God those golems were hard. I also died and reloaded four thousand times.

Confession: While I played BG1 and most of Tales of the Sword Coast, I never finished BG2. I don’t know if I ever had the will to tell him this directly, but I had stupidly been playing and using the autosave slot as my save file and when Shota began the game on my PC in college he wiped out 10 hours of progress or so and I never got that far again. I think I had just begun island hopping. I remember an insane asylum and then pirates.

TrueTallus
TrueTallus
16 years ago

You missed out! Shark people are after the pirates. Crazy shark people with the best monk equipment in the game.

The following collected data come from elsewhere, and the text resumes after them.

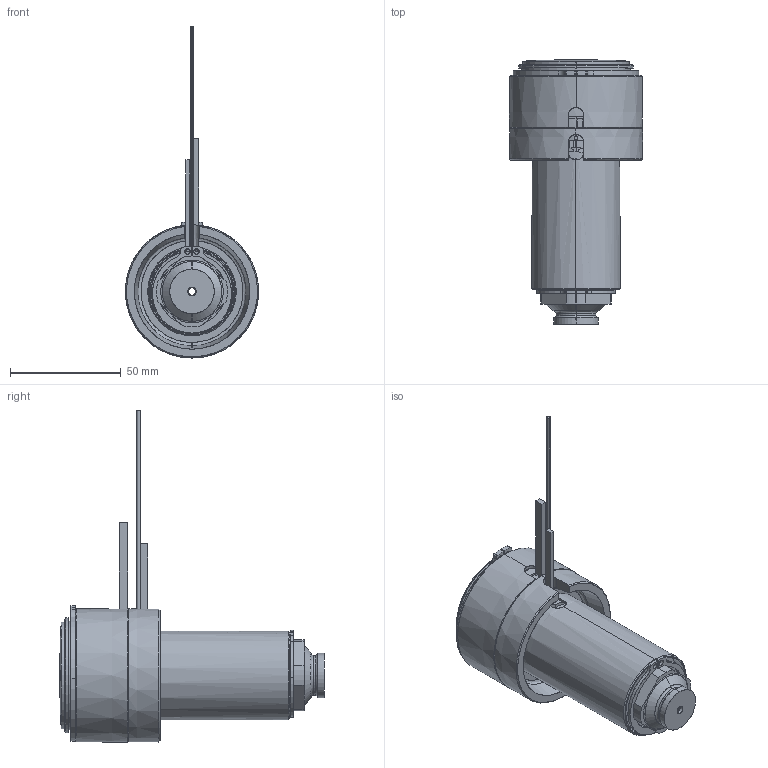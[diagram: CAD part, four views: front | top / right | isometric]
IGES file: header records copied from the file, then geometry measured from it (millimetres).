
Start section: SolidWorks IGES file using analytic representation for surfaces
Global section: file name: C:\Documents and Settings\ws-20\Desktop\TEM\UGER6603-M-A-1 [Øb-3.3 P-0 ØC-16].IGS; native system: SolidWorks 2012; preprocessor: SolidWorks 2012; author: ws-20; date: 120417.123425; units: millimetre
Bounding box: 60 x 119.25 x 149.65 mm (x, y, z)
Surface area: 68202.7 mm2 (no closed solid volume)
Topology: 0 solids, 0 shells, 169 faces, 3284 edges, 3284 vertices
Faces by surface type: revolution 100, bspline 69
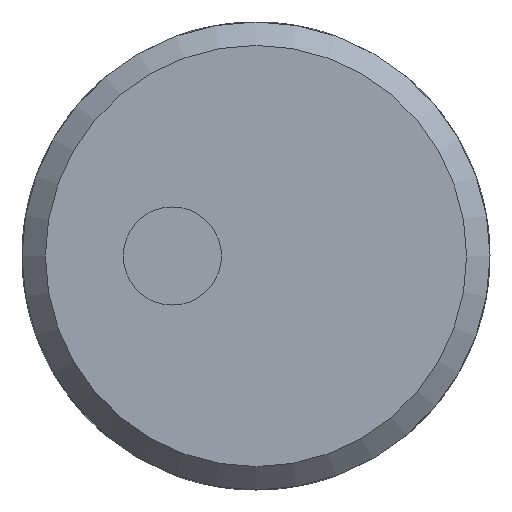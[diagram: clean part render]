
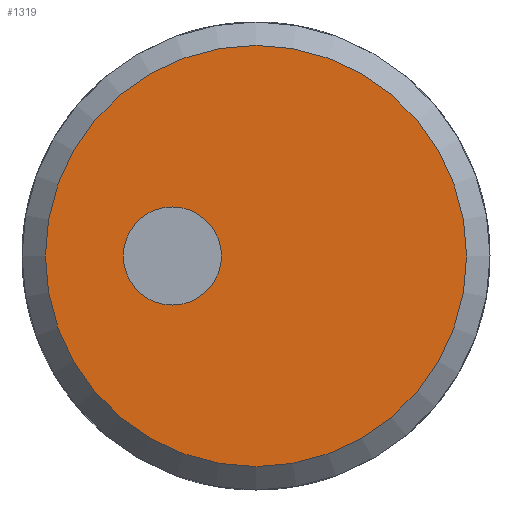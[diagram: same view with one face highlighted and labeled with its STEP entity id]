
A CAD part, left-side view. The second image highlights one B-rep face of the part: STEP entity #1319.
In plain terms, the highlighted planar face has unit normal (-1, 0, 0).
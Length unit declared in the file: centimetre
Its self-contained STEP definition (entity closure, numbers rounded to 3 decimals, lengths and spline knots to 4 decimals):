
#381=PLANE('',#1423);
#402=CIRCLE('',#1360,0.1048);
#425=CIRCLE('',#1417,0.45);
#458=VERTEX_POINT('',#2027);
#525=VERTEX_POINT('',#2771);
#617=EDGE_CURVE('',#458,#458,#402,.T.);
#700=EDGE_CURVE('',#525,#525,#425,.T.);
#955=ORIENTED_EDGE('',*,*,#617,.T.);
#956=ORIENTED_EDGE('',*,*,#700,.F.);
#1152=EDGE_LOOP('',(#955));
#1153=EDGE_LOOP('',(#956));
#1249=FACE_BOUND('',#1152,.T.);
#1250=FACE_BOUND('',#1153,.T.);
#1319=ADVANCED_FACE('',(#1249,#1250),#381,.T.);
#1360=AXIS2_PLACEMENT_3D('',#2026,#1490,#1491);
#1417=AXIS2_PLACEMENT_3D('',#2770,#1634,#1635);
#1423=AXIS2_PLACEMENT_3D('',#2784,#1649,$);
#1490=DIRECTION('',(1.,0.,0.));
#1491=DIRECTION('',(0.,0.,0.105));
#1634=DIRECTION('',(1.,0.,0.));
#1635=DIRECTION('',(0.,0.,0.45));
#1649=DIRECTION('',(-1.,0.,0.));
#2026=CARTESIAN_POINT('',(0.,0.1786,0.));
#2027=CARTESIAN_POINT('',(0.,0.1786,0.1048));
#2770=CARTESIAN_POINT('',(0.,0.,0.));
#2771=CARTESIAN_POINT('',(0.,0.,-0.45));
#2784=CARTESIAN_POINT('',(0.,0.,-0.25));
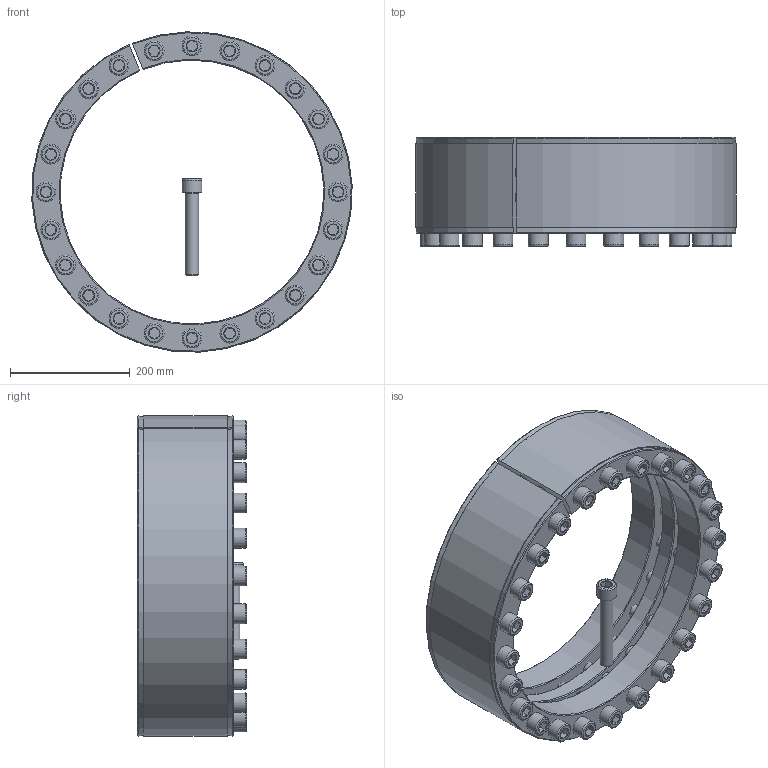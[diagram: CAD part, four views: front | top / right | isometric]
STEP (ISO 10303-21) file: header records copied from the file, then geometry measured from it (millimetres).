
FILE_DESCRIPTION( ( 'Unknown' ), '1' );
FILE_NAME( 'C:/Users/Frank/Eigene Daten/CAD/Solid Edge/KBK Karpstein/KBS Layout Baureihen/KBS 18/KBS 18 - 440 x 535.stp', 'Unknown', ( 'Unknown' ), ( 'Unknown' ), 'XStep 1.0', 'Unknown', ' ' );
FILE_SCHEMA( ( 'automotive_design' ) );
Length unit declared in the file: millimetre
Products named in the file (3): Assem1; ISO EN DIN 4762 M22x140; KBS 18 - 440 x 535
Bounding box: 534.45 x 182 x 534.58 mm (x, y, z)
Volume: 18839411.3 mm3; surface area: 2395381.1 mm2
Topology: 27 solids, 27 shells, 821 faces, 1703 edges, 1036 vertices
Faces by surface type: plane 320, cylinder 252, cone 199, torus 50
Full cylindrical faces by diameter (mm): 18 x25, 19.294 x48, 22 x50, 24 x96, 33 x25
Entity records: 4878 total; most frequent: CARTESIAN_POINT 757, DIRECTION 704, ORIENTED_EDGE 502, EDGE_LOOP 350, AXIS2_PLACEMENT_3D 334, EDGE_CURVE 251, VERTEX_POINT 215, FACE_OUTER_BOUND 201

It sure was sad playing as a monk, I think that was the only good equipment that wasn’t a fruity ring or gaudy necklace. I always pictured Keldorn and Jaheria sniggering behind my back as they snatched up all the badass equipment and left me to color coordinate my trinkets of metro sexual protection. At least the most powerful spawn of the murder god always looked fresh and fabulous.

Shota
Shota
16 years ago

Stef, I did not say the game was better then New York. That would be like saying –insert noun/verb– is better then New York. And that’s lying. And lying is not nice. I said I liked it for the same reasons.

Jay, I hate you for your revelation. Now make it up to me with buying an x box and playing countless hours of Culdcept with me. Also, the Golems were chumps compared to the Litch in the sewers, with the beggar guy outside of the tomb. That fucker killed me more times then you’ve had outbreaks of herpes.

TT, I am not including Throne of Bhaal in my BGE. For two reasons. One, it is entirely self contained and unrelated to BG2 overall narrative. Two, I have only played the expansion three times all the way through and do not feel qualified to talk about it in the same way that I can about BG2, which I have played all the way through 6 times and partially about a dozen. Also, you know your post made me realize I’ve never played as a Monk. #7 here I come.